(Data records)
━━━━━━

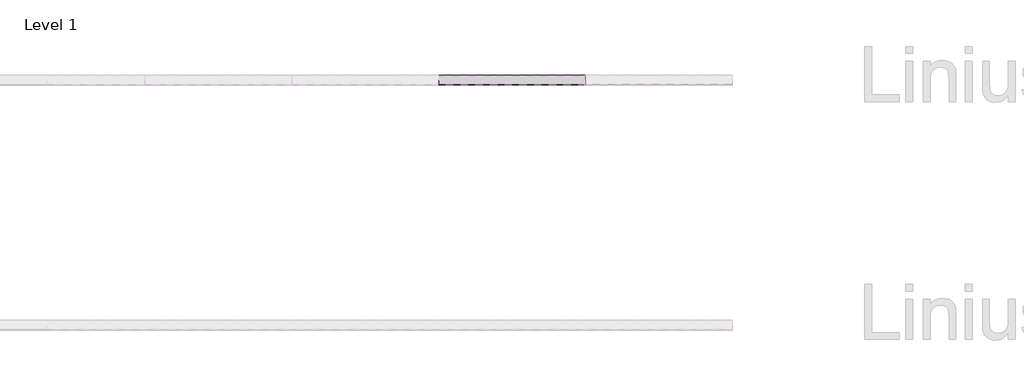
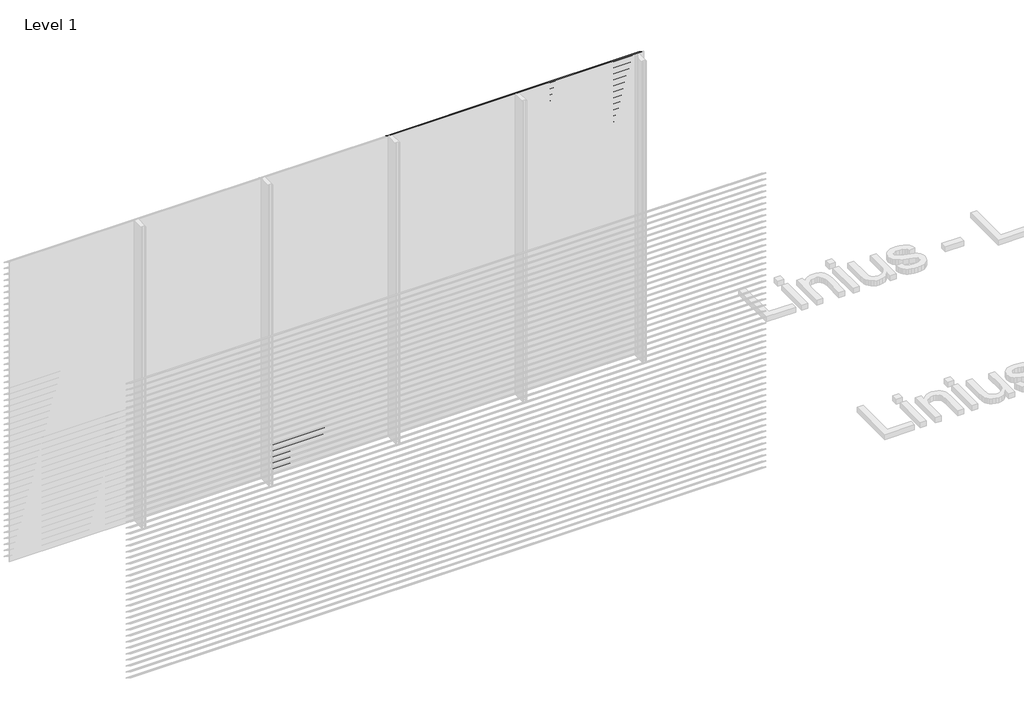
# One storey, part 16 of 153: 84 proxies.
"""IFC4 building model written with IfcOpenShell, lengths in millimetres."""

from ifc_helpers import new_model, si_unit, frame, origin, place, context, project, spatial, polyline, outline, extrude, element, save

model = new_model("IFC4")

# Units and contexts
model_context = context("Model", 3, world=origin())
ifc_project = project(units=[si_unit("LENGTHUNIT", "METRE", prefix="MILLI")], contexts=[model_context])

# Site, building, storey
site = spatial("IfcSite", under=ifc_project)
building = spatial("IfcBuilding", under=site)
storey = spatial("IfcBuildingStorey", under=building, Name="Level 1", Elevation=0.0)

# Proxies
placement = place(None, origin())
element("IfcBuildingElementProxy", 1, Name="Wall Sweeps", at=placement, inside=storey, context=model_context, shape_type="SweptSolid", body=[
    extrude(outline(polyline([(14061.0540136, 246.0), (14061.0540136, 240.0), (14059.8040136, 240.7216933), (14059.8040136, 245.2538091), (13983.0540136, 293.9915103), (13983.0540136, 300.0), (13984.3040136, 300.0), (13984.3040136, 294.7377012), (14061.0540136, 246.0)])), frame((2866.6208097, 0.0, 0.0), z_axis=(1.0, 0.0, 0.0), x_axis=(0.0, 1.0, 0.0)), (0.0, 0.0, 1.0), 1199.9999999),
])
element("IfcBuildingElementProxy", 2, Name="Wall Sweeps", at=placement, inside=storey, context=model_context, shape_type="SweptSolid", body=[
    extrude(outline(polyline([(14061.0540136, 186.0), (14061.0540136, 180.0), (14059.8040136, 180.7216933), (14059.8040136, 185.2538091), (13983.0540136, 233.9915103), (13983.0540136, 240.0), (13984.3040136, 240.0), (13984.3040136, 234.7377012), (14061.0540136, 186.0)])), frame((2866.6208097, 0.0, 0.0), z_axis=(1.0, 0.0, 0.0), x_axis=(0.0, 1.0, 0.0)), (0.0, 0.0, 1.0), 1199.9999999),
])
element("IfcBuildingElementProxy", 3, Name="Wall Sweeps", at=placement, inside=storey, context=model_context, shape_type="SweptSolid", body=[
    extrude(outline(polyline([(14061.0540136, 126.0), (14061.0540136, 120.0), (14059.8040136, 120.7216933), (14059.8040136, 125.2538091), (13983.0540136, 173.9915103), (13983.0540136, 180.0), (13984.3040136, 180.0), (13984.3040136, 174.7377012), (14061.0540136, 126.0)])), frame((2866.6208097, 0.0, 0.0), z_axis=(1.0, 0.0, 0.0), x_axis=(0.0, 1.0, 0.0)), (0.0, 0.0, 1.0), 1199.9999999),
])
element("IfcBuildingElementProxy", 4, Name="Wall Sweeps", at=placement, inside=storey, context=model_context, shape_type="SweptSolid", body=[
    extrude(outline(polyline([(14061.0540136, 66.0), (14061.0540136, 60.0), (14059.8040136, 60.7216933), (14059.8040136, 65.2538091), (13983.0540136, 113.9915103), (13983.0540136, 120.0), (13984.3040136, 120.0), (13984.3040136, 114.7377012), (14061.0540136, 66.0)])), frame((2866.6208097, 0.0, 0.0), z_axis=(1.0, 0.0, 0.0), x_axis=(0.0, 1.0, 0.0)), (0.0, 0.0, 1.0), 1199.9999999),
])
element("IfcBuildingElementProxy", 5, Name="Wall Sweeps", at=placement, inside=storey, context=model_context, shape_type="SweptSolid", body=[
    extrude(outline(polyline([(14061.0540136, 6.0), (14061.0540136, 0.0), (14059.8040136, 0.7216933), (14059.8040136, 5.2538091), (13983.0540136, 53.9915103), (13983.0540136, 60.0), (13984.3040136, 60.0), (13984.3040136, 54.7377012), (14061.0540136, 6.0)])), frame((2866.6208097, 0.0, 0.0), z_axis=(1.0, 0.0, 0.0), x_axis=(0.0, 1.0, 0.0)), (0.0, 0.0, 1.0), 1199.9999999),
])
element("IfcBuildingElementProxy", 6, Name="Wall Sweeps", at=placement, inside=storey, context=model_context, shape_type="SweptSolid", body=[
    extrude(outline(polyline([(14061.0540136, 2946.0), (14061.0540136, 2940.0), (14059.8040136, 2940.7216933), (14059.8040136, 2945.2538091), (13983.0540136, 2993.9915103), (13983.0540136, 3000.0), (13984.3040136, 3000.0), (13984.3040136, 2994.7377012), (14061.0540136, 2946.0)])), frame((4066.6208096, 0.0, 0.0), z_axis=(1.0, 0.0, 0.0), x_axis=(0.0, 1.0, 0.0)), (0.0, 0.0, 1.0), 1199.9999999),
])
element("IfcBuildingElementProxy", 7, Name="Wall Sweeps", at=placement, inside=storey, context=model_context, shape_type="SweptSolid", body=[
    extrude(outline(polyline([(14061.0540136, 2886.0), (14061.0540136, 2880.0), (14059.8040136, 2880.7216933), (14059.8040136, 2885.2538091), (13983.0540136, 2933.9915103), (13983.0540136, 2940.0), (13984.3040136, 2940.0), (13984.3040136, 2934.7377012), (14061.0540136, 2886.0)])), frame((4066.6208096, 0.0, 0.0), z_axis=(1.0, 0.0, 0.0), x_axis=(0.0, 1.0, 0.0)), (0.0, 0.0, 1.0), 1199.9999999),
])
element("IfcBuildingElementProxy", 8, Name="Wall Sweeps", at=placement, inside=storey, context=model_context, shape_type="SweptSolid", body=[
    extrude(outline(polyline([(14061.0540136, 2826.0), (14061.0540136, 2820.0), (14059.8040136, 2820.7216933), (14059.8040136, 2825.2538091), (13983.0540136, 2873.9915103), (13983.0540136, 2880.0), (13984.3040136, 2880.0), (13984.3040136, 2874.7377012), (14061.0540136, 2826.0)])), frame((4066.6208096, 0.0, 0.0), z_axis=(1.0, 0.0, 0.0), x_axis=(0.0, 1.0, 0.0)), (0.0, 0.0, 1.0), 1199.9999999),
])
element("IfcBuildingElementProxy", 9, Name="Wall Sweeps", at=placement, inside=storey, context=model_context, shape_type="SweptSolid", body=[
    extrude(outline(polyline([(14061.0540136, 2766.0), (14061.0540136, 2760.0), (14059.8040136, 2760.7216933), (14059.8040136, 2765.2538091), (13983.0540136, 2813.9915103), (13983.0540136, 2820.0), (13984.3040136, 2820.0), (13984.3040136, 2814.7377012), (14061.0540136, 2766.0)])), frame((4066.6208096, 0.0, 0.0), z_axis=(1.0, 0.0, 0.0), x_axis=(0.0, 1.0, 0.0)), (0.0, 0.0, 1.0), 1199.9999999),
])
element("IfcBuildingElementProxy", 10, Name="Wall Sweeps", at=placement, inside=storey, context=model_context, shape_type="SweptSolid", body=[
    extrude(outline(polyline([(14061.0540136, 2706.0), (14061.0540136, 2700.0), (14059.8040136, 2700.7216933), (14059.8040136, 2705.2538091), (13983.0540136, 2753.9915103), (13983.0540136, 2760.0), (13984.3040136, 2760.0), (13984.3040136, 2754.7377012), (14061.0540136, 2706.0)])), frame((4066.6208096, 0.0, 0.0), z_axis=(1.0, 0.0, 0.0), x_axis=(0.0, 1.0, 0.0)), (0.0, 0.0, 1.0), 1199.9999999),
])
element("IfcBuildingElementProxy", 11, Name="Wall Sweeps", at=placement, inside=storey, context=model_context, shape_type="SweptSolid", body=[
    extrude(outline(polyline([(14061.0540136, 2646.0), (14061.0540136, 2640.0), (14059.8040136, 2640.7216933), (14059.8040136, 2645.2538091), (13983.0540136, 2693.9915103), (13983.0540136, 2700.0), (13984.3040136, 2700.0), (13984.3040136, 2694.7377012), (14061.0540136, 2646.0)])), frame((4066.6208096, 0.0, 0.0), z_axis=(1.0, 0.0, 0.0), x_axis=(0.0, 1.0, 0.0)), (0.0, 0.0, 1.0), 1199.9999999),
])
element("IfcBuildingElementProxy", 12, Name="Wall Sweeps", at=placement, inside=storey, context=model_context, shape_type="SweptSolid", body=[
    extrude(outline(polyline([(14061.0540136, 2586.0), (14061.0540136, 2580.0), (14059.8040136, 2580.7216933), (14059.8040136, 2585.2538091), (13983.0540136, 2633.9915103), (13983.0540136, 2640.0), (13984.3040136, 2640.0), (13984.3040136, 2634.7377012), (14061.0540136, 2586.0)])), frame((4066.6208096, 0.0, 0.0), z_axis=(1.0, 0.0, 0.0), x_axis=(0.0, 1.0, 0.0)), (0.0, 0.0, 1.0), 1199.9999999),
])
element("IfcBuildingElementProxy", 13, Name="Wall Sweeps", at=placement, inside=storey, context=model_context, shape_type="SweptSolid", body=[
    extrude(outline(polyline([(14061.0540136, 2526.0), (14061.0540136, 2520.0), (14059.8040136, 2520.7216933), (14059.8040136, 2525.2538091), (13983.0540136, 2573.9915103), (13983.0540136, 2580.0), (13984.3040136, 2580.0), (13984.3040136, 2574.7377012), (14061.0540136, 2526.0)])), frame((4066.6208096, 0.0, 0.0), z_axis=(1.0, 0.0, 0.0), x_axis=(0.0, 1.0, 0.0)), (0.0, 0.0, 1.0), 1199.9999999),
])
element("IfcBuildingElementProxy", 14, Name="Wall Sweeps", at=placement, inside=storey, context=model_context, shape_type="SweptSolid", body=[
    extrude(outline(polyline([(14061.0540136, 2466.0), (14061.0540136, 2460.0), (14059.8040136, 2460.7216933), (14059.8040136, 2465.2538091), (13983.0540136, 2513.9915103), (13983.0540136, 2520.0), (13984.3040136, 2520.0), (13984.3040136, 2514.7377012), (14061.0540136, 2466.0)])), frame((4066.6208096, 0.0, 0.0), z_axis=(1.0, 0.0, 0.0), x_axis=(0.0, 1.0, 0.0)), (0.0, 0.0, 1.0), 1199.9999999),
])
element("IfcBuildingElementProxy", 15, Name="Wall Sweeps", at=placement, inside=storey, context=model_context, shape_type="SweptSolid", body=[
    extrude(outline(polyline([(14061.0540136, 2406.0), (14061.0540136, 2400.0), (14059.8040136, 2400.7216933), (14059.8040136, 2405.2538091), (13983.0540136, 2453.9915103), (13983.0540136, 2460.0), (13984.3040136, 2460.0), (13984.3040136, 2454.7377012), (14061.0540136, 2406.0)])), frame((4066.6208096, 0.0, 0.0), z_axis=(1.0, 0.0, 0.0), x_axis=(0.0, 1.0, 0.0)), (0.0, 0.0, 1.0), 1199.9999999),
])
element("IfcBuildingElementProxy", 16, Name="Wall Sweeps", at=placement, inside=storey, context=model_context, shape_type="SweptSolid", body=[
    extrude(outline(polyline([(14061.0540136, 2346.0), (14061.0540136, 2340.0), (14059.8040136, 2340.7216933), (14059.8040136, 2345.2538091), (13983.0540136, 2393.9915103), (13983.0540136, 2400.0), (13984.3040136, 2400.0), (13984.3040136, 2394.7377012), (14061.0540136, 2346.0)])), frame((4066.6208096, 0.0, 0.0), z_axis=(1.0, 0.0, 0.0), x_axis=(0.0, 1.0, 0.0)), (0.0, 0.0, 1.0), 1199.9999999),
])
element("IfcBuildingElementProxy", 17, Name="Wall Sweeps", at=placement, inside=storey, context=model_context, shape_type="SweptSolid", body=[
    extrude(outline(polyline([(14061.0540136, 2286.0), (14061.0540136, 2280.0), (14059.8040136, 2280.7216933), (14059.8040136, 2285.2538091), (13983.0540136, 2333.9915103), (13983.0540136, 2340.0), (13984.3040136, 2340.0), (13984.3040136, 2334.7377012), (14061.0540136, 2286.0)])), frame((4066.6208096, 0.0, 0.0), z_axis=(1.0, 0.0, 0.0), x_axis=(0.0, 1.0, 0.0)), (0.0, 0.0, 1.0), 1199.9999999),
])
element("IfcBuildingElementProxy", 18, Name="Wall Sweeps", at=placement, inside=storey, context=model_context, shape_type="SweptSolid", body=[
    extrude(outline(polyline([(14061.0540136, 2226.0), (14061.0540136, 2220.0), (14059.8040136, 2220.7216933), (14059.8040136, 2225.2538091), (13983.0540136, 2273.9915103), (13983.0540136, 2280.0), (13984.3040136, 2280.0), (13984.3040136, 2274.7377012), (14061.0540136, 2226.0)])), frame((4066.6208096, 0.0, 0.0), z_axis=(1.0, 0.0, 0.0), x_axis=(0.0, 1.0, 0.0)), (0.0, 0.0, 1.0), 1199.9999999),
])
element("IfcBuildingElementProxy", 19, Name="Wall Sweeps", at=placement, inside=storey, context=model_context, shape_type="SweptSolid", body=[
    extrude(outline(polyline([(14061.0540136, 2166.0), (14061.0540136, 2160.0), (14059.8040136, 2160.7216933), (14059.8040136, 2165.2538091), (13983.0540136, 2213.9915103), (13983.0540136, 2220.0), (13984.3040136, 2220.0), (13984.3040136, 2214.7377012), (14061.0540136, 2166.0)])), frame((4066.6208096, 0.0, 0.0), z_axis=(1.0, 0.0, 0.0), x_axis=(0.0, 1.0, 0.0)), (0.0, 0.0, 1.0), 1199.9999999),
])
element("IfcBuildingElementProxy", 20, Name="Wall Sweeps", at=placement, inside=storey, context=model_context, shape_type="SweptSolid", body=[
    extrude(outline(polyline([(14061.0540136, 2106.0), (14061.0540136, 2100.0), (14059.8040136, 2100.7216933), (14059.8040136, 2105.2538091), (13983.0540136, 2153.9915103), (13983.0540136, 2160.0), (13984.3040136, 2160.0), (13984.3040136, 2154.7377012), (14061.0540136, 2106.0)])), frame((4066.6208096, 0.0, 0.0), z_axis=(1.0, 0.0, 0.0), x_axis=(0.0, 1.0, 0.0)), (0.0, 0.0, 1.0), 1199.9999999),
])
element("IfcBuildingElementProxy", 21, Name="Wall Sweeps", at=placement, inside=storey, context=model_context, shape_type="SweptSolid", body=[
    extrude(outline(polyline([(14061.0540136, 2046.0), (14061.0540136, 2040.0), (14059.8040136, 2040.7216933), (14059.8040136, 2045.2538091), (13983.0540136, 2093.9915103), (13983.0540136, 2100.0), (13984.3040136, 2100.0), (13984.3040136, 2094.7377012), (14061.0540136, 2046.0)])), frame((4066.6208096, 0.0, 0.0), z_axis=(1.0, 0.0, 0.0), x_axis=(0.0, 1.0, 0.0)), (0.0, 0.0, 1.0), 1199.9999999),
])
element("IfcBuildingElementProxy", 22, Name="Wall Sweeps", at=placement, inside=storey, context=model_context, shape_type="SweptSolid", body=[
    extrude(outline(polyline([(14061.0540136, 1986.0), (14061.0540136, 1980.0), (14059.8040136, 1980.7216933), (14059.8040136, 1985.2538091), (13983.0540136, 2033.9915103), (13983.0540136, 2040.0), (13984.3040136, 2040.0), (13984.3040136, 2034.7377012), (14061.0540136, 1986.0)])), frame((4066.6208096, 0.0, 0.0), z_axis=(1.0, 0.0, 0.0), x_axis=(0.0, 1.0, 0.0)), (0.0, 0.0, 1.0), 1199.9999999),
])
element("IfcBuildingElementProxy", 23, Name="Wall Sweeps", at=placement, inside=storey, context=model_context, shape_type="SweptSolid", body=[
    extrude(outline(polyline([(14061.0540136, 1926.0), (14061.0540136, 1920.0), (14059.8040136, 1920.7216933), (14059.8040136, 1925.2538091), (13983.0540136, 1973.9915103), (13983.0540136, 1980.0), (13984.3040136, 1980.0), (13984.3040136, 1974.7377012), (14061.0540136, 1926.0)])), frame((4066.6208096, 0.0, 0.0), z_axis=(1.0, 0.0, 0.0), x_axis=(0.0, 1.0, 0.0)), (0.0, 0.0, 1.0), 1199.9999999),
])
element("IfcBuildingElementProxy", 24, Name="Wall Sweeps", at=placement, inside=storey, context=model_context, shape_type="SweptSolid", body=[
    extrude(outline(polyline([(14061.0540136, 1866.0), (14061.0540136, 1860.0), (14059.8040136, 1860.7216933), (14059.8040136, 1865.2538091), (13983.0540136, 1913.9915103), (13983.0540136, 1920.0), (13984.3040136, 1920.0), (13984.3040136, 1914.7377012), (14061.0540136, 1866.0)])), frame((4066.6208096, 0.0, 0.0), z_axis=(1.0, 0.0, 0.0), x_axis=(0.0, 1.0, 0.0)), (0.0, 0.0, 1.0), 1199.9999999),
])
element("IfcBuildingElementProxy", 25, Name="Wall Sweeps", at=placement, inside=storey, context=model_context, shape_type="SweptSolid", body=[
    extrude(outline(polyline([(14061.0540136, 1806.0), (14061.0540136, 1800.0), (14059.8040136, 1800.7216933), (14059.8040136, 1805.2538091), (13983.0540136, 1853.9915103), (13983.0540136, 1860.0), (13984.3040136, 1860.0), (13984.3040136, 1854.7377012), (14061.0540136, 1806.0)])), frame((4066.6208096, 0.0, 0.0), z_axis=(1.0, 0.0, 0.0), x_axis=(0.0, 1.0, 0.0)), (0.0, 0.0, 1.0), 1199.9999999),
])
element("IfcBuildingElementProxy", 26, Name="Wall Sweeps", at=placement, inside=storey, context=model_context, shape_type="SweptSolid", body=[
    extrude(outline(polyline([(14061.0540136, 1746.0), (14061.0540136, 1740.0), (14059.8040136, 1740.7216933), (14059.8040136, 1745.2538091), (13983.0540136, 1793.9915103), (13983.0540136, 1800.0), (13984.3040136, 1800.0), (13984.3040136, 1794.7377012), (14061.0540136, 1746.0)])), frame((4066.6208096, 0.0, 0.0), z_axis=(1.0, 0.0, 0.0), x_axis=(0.0, 1.0, 0.0)), (0.0, 0.0, 1.0), 1199.9999999),
])
element("IfcBuildingElementProxy", 27, Name="Wall Sweeps", at=placement, inside=storey, context=model_context, shape_type="SweptSolid", body=[
    extrude(outline(polyline([(14061.0540136, 1686.0), (14061.0540136, 1680.0), (14059.8040136, 1680.7216933), (14059.8040136, 1685.2538091), (13983.0540136, 1733.9915103), (13983.0540136, 1740.0), (13984.3040136, 1740.0), (13984.3040136, 1734.7377012), (14061.0540136, 1686.0)])), frame((4066.6208096, 0.0, 0.0), z_axis=(1.0, 0.0, 0.0), x_axis=(0.0, 1.0, 0.0)), (0.0, 0.0, 1.0), 1199.9999999),
])
element("IfcBuildingElementProxy", 28, Name="Wall Sweeps", at=placement, inside=storey, context=model_context, shape_type="SweptSolid", body=[
    extrude(outline(polyline([(14061.0540136, 1626.0), (14061.0540136, 1620.0), (14059.8040136, 1620.7216933), (14059.8040136, 1625.2538091), (13983.0540136, 1673.9915103), (13983.0540136, 1680.0), (13984.3040136, 1680.0), (13984.3040136, 1674.7377012), (14061.0540136, 1626.0)])), frame((4066.6208096, 0.0, 0.0), z_axis=(1.0, 0.0, 0.0), x_axis=(0.0, 1.0, 0.0)), (0.0, 0.0, 1.0), 1199.9999999),
])
element("IfcBuildingElementProxy", 29, Name="Wall Sweeps", at=placement, inside=storey, context=model_context, shape_type="SweptSolid", body=[
    extrude(outline(polyline([(14061.0540136, 1566.0), (14061.0540136, 1560.0), (14059.8040136, 1560.7216933), (14059.8040136, 1565.2538091), (13983.0540136, 1613.9915103), (13983.0540136, 1620.0), (13984.3040136, 1620.0), (13984.3040136, 1614.7377012), (14061.0540136, 1566.0)])), frame((4066.6208096, 0.0, 0.0), z_axis=(1.0, 0.0, 0.0), x_axis=(0.0, 1.0, 0.0)), (0.0, 0.0, 1.0), 1199.9999999),
])
element("IfcBuildingElementProxy", 30, Name="Wall Sweeps", at=placement, inside=storey, context=model_context, shape_type="SweptSolid", body=[
    extrude(outline(polyline([(14061.0540136, 1506.0), (14061.0540136, 1500.0), (14059.8040136, 1500.7216933), (14059.8040136, 1505.2538091), (13983.0540136, 1553.9915103), (13983.0540136, 1560.0), (13984.3040136, 1560.0), (13984.3040136, 1554.7377012), (14061.0540136, 1506.0)])), frame((4066.6208096, 0.0, 0.0), z_axis=(1.0, 0.0, 0.0), x_axis=(0.0, 1.0, 0.0)), (0.0, 0.0, 1.0), 1199.9999999),
])
element("IfcBuildingElementProxy", 31, Name="Wall Sweeps", at=placement, inside=storey, context=model_context, shape_type="SweptSolid", body=[
    extrude(outline(polyline([(14061.0540136, 1446.0), (14061.0540136, 1440.0), (14059.8040136, 1440.7216933), (14059.8040136, 1445.2538091), (13983.0540136, 1493.9915103), (13983.0540136, 1500.0), (13984.3040136, 1500.0), (13984.3040136, 1494.7377012), (14061.0540136, 1446.0)])), frame((4066.6208096, 0.0, 0.0), z_axis=(1.0, 0.0, 0.0), x_axis=(0.0, 1.0, 0.0)), (0.0, 0.0, 1.0), 1199.9999999),
])
element("IfcBuildingElementProxy", 32, Name="Wall Sweeps", at=placement, inside=storey, context=model_context, shape_type="SweptSolid", body=[
    extrude(outline(polyline([(14061.0540136, 1386.0), (14061.0540136, 1380.0), (14059.8040136, 1380.7216933), (14059.8040136, 1385.2538091), (13983.0540136, 1433.9915103), (13983.0540136, 1440.0), (13984.3040136, 1440.0), (13984.3040136, 1434.7377012), (14061.0540136, 1386.0)])), frame((4066.6208096, 0.0, 0.0), z_axis=(1.0, 0.0, 0.0), x_axis=(0.0, 1.0, 0.0)), (0.0, 0.0, 1.0), 1199.9999999),
])
element("IfcBuildingElementProxy", 33, Name="Wall Sweeps", at=placement, inside=storey, context=model_context, shape_type="SweptSolid", body=[
    extrude(outline(polyline([(14061.0540136, 1326.0), (14061.0540136, 1320.0), (14059.8040136, 1320.7216933), (14059.8040136, 1325.2538091), (13983.0540136, 1373.9915103), (13983.0540136, 1380.0), (13984.3040136, 1380.0), (13984.3040136, 1374.7377012), (14061.0540136, 1326.0)])), frame((4066.6208096, 0.0, 0.0), z_axis=(1.0, 0.0, 0.0), x_axis=(0.0, 1.0, 0.0)), (0.0, 0.0, 1.0), 1199.9999999),
])
element("IfcBuildingElementProxy", 34, Name="Wall Sweeps", at=placement, inside=storey, context=model_context, shape_type="SweptSolid", body=[
    extrude(outline(polyline([(14061.0540136, 1266.0), (14061.0540136, 1260.0), (14059.8040136, 1260.7216933), (14059.8040136, 1265.2538091), (13983.0540136, 1313.9915103), (13983.0540136, 1320.0), (13984.3040136, 1320.0), (13984.3040136, 1314.7377012), (14061.0540136, 1266.0)])), frame((4066.6208096, 0.0, 0.0), z_axis=(1.0, 0.0, 0.0), x_axis=(0.0, 1.0, 0.0)), (0.0, 0.0, 1.0), 1199.9999999),
])
element("IfcBuildingElementProxy", 35, Name="Wall Sweeps", at=placement, inside=storey, context=model_context, shape_type="SweptSolid", body=[
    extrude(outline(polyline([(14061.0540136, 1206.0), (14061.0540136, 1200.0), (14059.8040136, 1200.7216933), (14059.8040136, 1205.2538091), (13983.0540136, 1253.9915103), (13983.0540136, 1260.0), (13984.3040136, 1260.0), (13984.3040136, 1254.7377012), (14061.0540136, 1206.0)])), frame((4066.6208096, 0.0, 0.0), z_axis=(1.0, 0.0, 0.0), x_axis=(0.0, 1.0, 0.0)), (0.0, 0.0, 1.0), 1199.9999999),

━━━━━━

What the task requires: Search the data above for lines holding "origin" and copy each of them.

Output below:
from ifc_helpers import new_model, si_unit, frame, origin, place, context, project, spatial, polyline, outline, extrude, element, save
model_context = context("Model", 3, world=origin())
placement = place(None, origin())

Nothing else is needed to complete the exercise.